Graphs and analyses of proxy voting information for Phage.
The code is pure python, but depends on
- Graphviz: Graph visualization
- Graphviz python module: Graphviz interface
- Numpy: Efficient multidimensional arrays
- Scipy: Scientific computation
On Mac with Homebrew, these can be installed via
brew install graphviz
pip install graphviz numpy scipy
The failed Bayesian network model also required
- PyMC: Markov chain Monte Carlo
but the current code does not.
We have a directed graph G = (V,E) of people with edges from people to people "they trust in some capacity." Let n = |V| and m = |E|. There are at least two possible goals:
-
Vote: Given a choice set C and an incomplete set of votes f : V -> C, determine a choice for the whole group.
-
Represent: Find a small number r of people that "best represent" the whole graph G.

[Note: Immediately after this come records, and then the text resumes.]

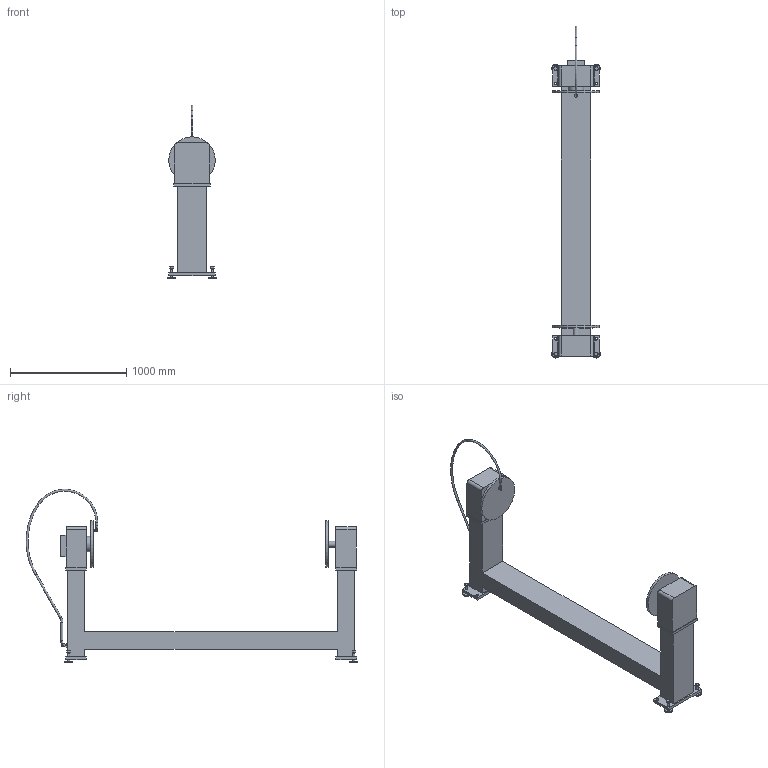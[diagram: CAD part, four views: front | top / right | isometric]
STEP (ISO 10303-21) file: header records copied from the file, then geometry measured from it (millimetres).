
FILE_DESCRIPTION((''),'2;1');
FILE_NAME('H:\Machine construction\Products\Layout symbols\Positioners\HSD\013156-101 HSD-250 SNM (STEP).stp','2008-01-31T13:15:05',('Kristian'),(''),'Autodesk Inventor 2008','Autodesk Inventor 2008','');
FILE_SCHEMA(('AUTOMOTIVE_DESIGN { 1 0 10303 214 1 1 1 1 }'));
Length unit declared in the file: millimetre
Products named in the file (23): 013156- HSD-250 SNM (iAssy).iam<No details>; 114925-101 Stativ (bearbetning) (iAssy) (No details); 114925-101 Stativ (low-res); 114929-100 Drivdocka 250 kg (No details); 114928-100 Drivdocka 250kg (low-res); 114933-100 Stöddocka (No details); 114933-100 Stöddocka (low-res); 314033 Kopplingsplint; 314034 Platta; 413951 Kopparledare; 6005016 MF6S 6x16; 6026009 BRB M10; 6002068 MC6S 10x25; 406025 Fotbricka; 6001043 M6S 20x80; 6026006 BRB M6; 6002030 MC6S 6x20; 013155 Återledare -01; 013155 Svetskabel -01; 8220018 Kabelsko 70-10; 6002070 MC6S 10x35; 6022010 LM6M Låsmutter M10; 411503 Maskinskylt
Assembly tree (36 placements, depth 3):
  013156- HSD-250 SNM (iAssy).iam<No details>
    114925-101 Stativ (bearbetning) (iAssy) (No details)
      114925-101 Stativ (low-res)
    114929-100 Drivdocka 250 kg (No details)
      114928-100 Drivdocka 250kg (low-res)
    114933-100 Stöddocka (No details)
      114933-100 Stöddocka (low-res)
    314033 Kopplingsplint
      314034 Platta
      413951 Kopparledare
      6005016 MF6S 6x16  x2
      6026009 BRB M10  x3
      6002068 MC6S 10x25  x3
    406025 Fotbricka  x4
    6001043 M6S 20x80  x4
    6026006 BRB M6  x2
    6002030 MC6S 6x20  x2
    013155 Återledare -01
      013155 Svetskabel -01
      8220018 Kabelsko 70-10  x2
    6002070 MC6S 10x35
    6022010 LM6M Låsmutter M10
    411503 Maskinskylt
Bounding box: 420 x 2854.02 x 1492.13 mm (x, y, z)
Volume: 188470994.3 mm3; surface area: 5047754.7 mm2
Topology: 33 solids, 33 shells, 463 faces, 1023 edges, 661 vertices
Faces by surface type: plane 243, cylinder 127, cone 49, bspline 35, torus 5, sphere 4
Full cylindrical faces by diameter (mm): 5 x2, 6 x6, 6.4 x2, 7 x4, 8.376 x3, 10 x10, 10.5 x3, 11.34 x2, 12 x2, 15.6 x1, 16 x4, 17 x3, 20 x11, 28.19 x4, 50 x1, 70 x4, 133 x1, 400 x2
Entity records: 8539 total; most frequent: CARTESIAN_POINT 2000, DIRECTION 1250, ORIENTED_EDGE 1026, EDGE_CURVE 513, AXIS2_PLACEMENT_3D 490, EDGE_LOOP 417, VERTEX_POINT 378, FACE_OUTER_BOUND 274
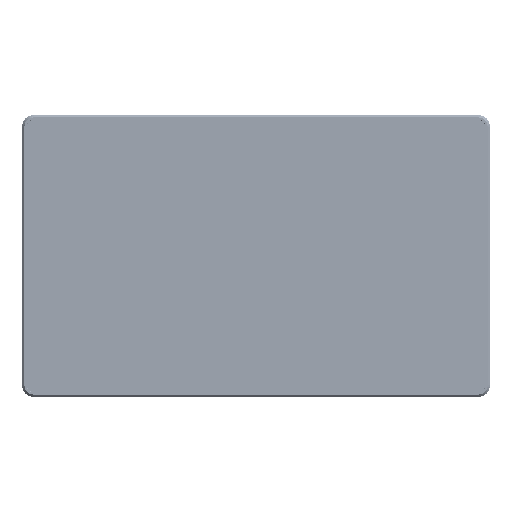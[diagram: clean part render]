
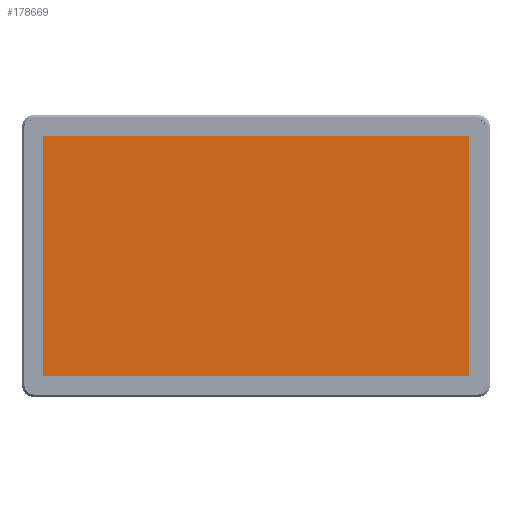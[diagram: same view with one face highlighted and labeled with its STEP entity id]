
A CAD part, top view. The second image highlights one B-rep face of the part: STEP entity #178669.
In plain terms, the highlighted planar face has unit normal (0, 0, 1).
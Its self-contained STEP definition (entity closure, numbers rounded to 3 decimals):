
#16174=PLANE('',#189140);
#22372=FACE_OUTER_BOUND('',#31859,.T.);
#31859=EDGE_LOOP('',(#130749,#130750,#130751,#130752));
#42290=LINE('',#259484,#60320);
#42294=LINE('',#259492,#60324);
#42297=LINE('',#259498,#60327);
#42300=LINE('',#259503,#60330);
#60320=VECTOR('',#205869,10.);
#60324=VECTOR('',#205875,10.);
#60327=VECTOR('',#205880,10.);
#60330=VECTOR('',#205885,10.);
#83796=VERTEX_POINT('',#259482);
#83797=VERTEX_POINT('',#259483);
#83800=VERTEX_POINT('',#259491);
#83802=VERTEX_POINT('',#259497);
#102134=EDGE_CURVE('',#83796,#83797,#42290,.T.);
#102138=EDGE_CURVE('',#83797,#83800,#42294,.T.);
#102141=EDGE_CURVE('',#83800,#83802,#42297,.T.);
#102144=EDGE_CURVE('',#83802,#83796,#42300,.T.);
#130749=ORIENTED_EDGE('',*,*,#102134,.T.);
#130750=ORIENTED_EDGE('',*,*,#102138,.T.);
#130751=ORIENTED_EDGE('',*,*,#102141,.T.);
#130752=ORIENTED_EDGE('',*,*,#102144,.T.);
#178669=ADVANCED_FACE('',(#22372),#16174,.T.);
#189140=AXIS2_PLACEMENT_3D('',#259505,#205887,#205888);
#205869=DIRECTION('',(0.,-1.,0.));
#205875=DIRECTION('',(1.,0.,0.));
#205880=DIRECTION('',(0.,1.,0.));
#205885=DIRECTION('',(-1.,0.,0.));
#205887=DIRECTION('center_axis',(0.,0.,
1.));
#205888=DIRECTION('ref_axis',(1.,0.,0.));
#259482=CARTESIAN_POINT('',(-265.68,149.445,1.99));
#259483=CARTESIAN_POINT('',(-265.68,-149.445,1.99));
#259484=CARTESIAN_POINT('',(-265.68,-143.895,1.99));
#259491=CARTESIAN_POINT('',(265.68,-149.445,1.99));
#259492=CARTESIAN_POINT('',(245.68,-149.445,1.99));
#259497=CARTESIAN_POINT('',(265.68,149.445,1.99));
#259498=CARTESIAN_POINT('',(265.68,154.995,1.99));
#259503=CARTESIAN_POINT('',(-285.68,149.445,1.99));
#259505=CARTESIAN_POINT('Origin',(-20.,5.55,1.99));

The vote goal is easy: one simple approach is to define a Markov chain on V which stops at range(f) and divides equally between outgoing edges in V - range(f). A vote for someone in V - range(f) can then be split according to the limit distribution of the Markov chain starting at their vertex. This can be expressed as a single eigenvector computation.
The represent goal is harder, since we need a notion of what best representation means. I believe other people have come up with models for this, in particular the Structured Deep Democracy (SD2) and Transitive Mandatory Multiple Proxy (TMMP) mentioned in Jeremy's slides, but unfortunately we lack papers with these algorithms. Supposedly they're "PageRank", but PageRank has various parameters, and they can't just be PageRank if we want to mimic proportional representation rather than winner take all. Thus, we'll derive our own simple model and hope it is reasonable.
Say we want to find r representatives capable of making representative binary choices. Let B = {-1,1}. If we choose "an issue at random", we get a random function f : V -> B with correlations between the different f(v) somehow related to the edges. Once we have a model for said correlations, we can choose a subset R of V of size r that maximizes
Pr(sign(sum(f(R))) = sign(sum(f(V))))
or some such. For simplicity, assume both r and |V| are odd for now.
Note that it's important to minimize the above sign-based metric, rather than something less nonlinear like
E(sum(f(R)) sum(f(V)))
The latter doesn't get proportional representation right: if there are two uniform voting blocs making up 49% and 51% of the population, we'd pick all representatives from the 51% bloc. Bloc: weirdly not a typo.
Here is the simplest model of correlations I can think of for our random function f : V -> B. Let X be a completely independent random function: one i.i.d. coin flip per person. Let d be the maximum out-degree of a vertex, and choose accept probabilities aij = probability of acceptance if a degree i vertex is inconsistent with exactly j of its proxies. We have ai0 = 1, but the other parameters are flexible. Consider acceptance independently for each vertex, and let A be the event that everyone accepts. We can now define a random function Y by
Pr(Y = f) = Pr(X = f | A)
This is well defined because Pr(A) > 0 since Pr(everyone wants +1) > 0.
Hmm, actually that model seems dangerous. It's fine that Pr(A) is exponentially low, but it's not fine that Pr(A) may end up weighting different parts of the graph quite differently. This isn't necessarily bad, but I don't understand what properties this weighting would have, and thus don't trust this model enough to use it.
Actually, maybe it's fine. Let's implement this with Bayesian inference and see what the results look like. PyMC seems like a reasonable engine for doing the necessary sampling.
Unfortunately, it doesn't seem to work: PyMC fails to converge. I do not know why this is, but given the limited development time I should switch to something else.
Different model: have each person vote with probability p and otherwise distribute their votes among their proxies. To handle people with no proxies and ensure convergence if no one votes, add an extra sink proxy who votes randomly and give the sink a fraction q of each person's proxy votes.
If we do that, it gives us a random stochastic matrix S, and the voting power assignment is S^inf ones. That seems easy enough to implement.
Actually, we can set q = 0 and specify that someone who doesn't find somewhere to assign their vote simply assigns it via S^inf ones.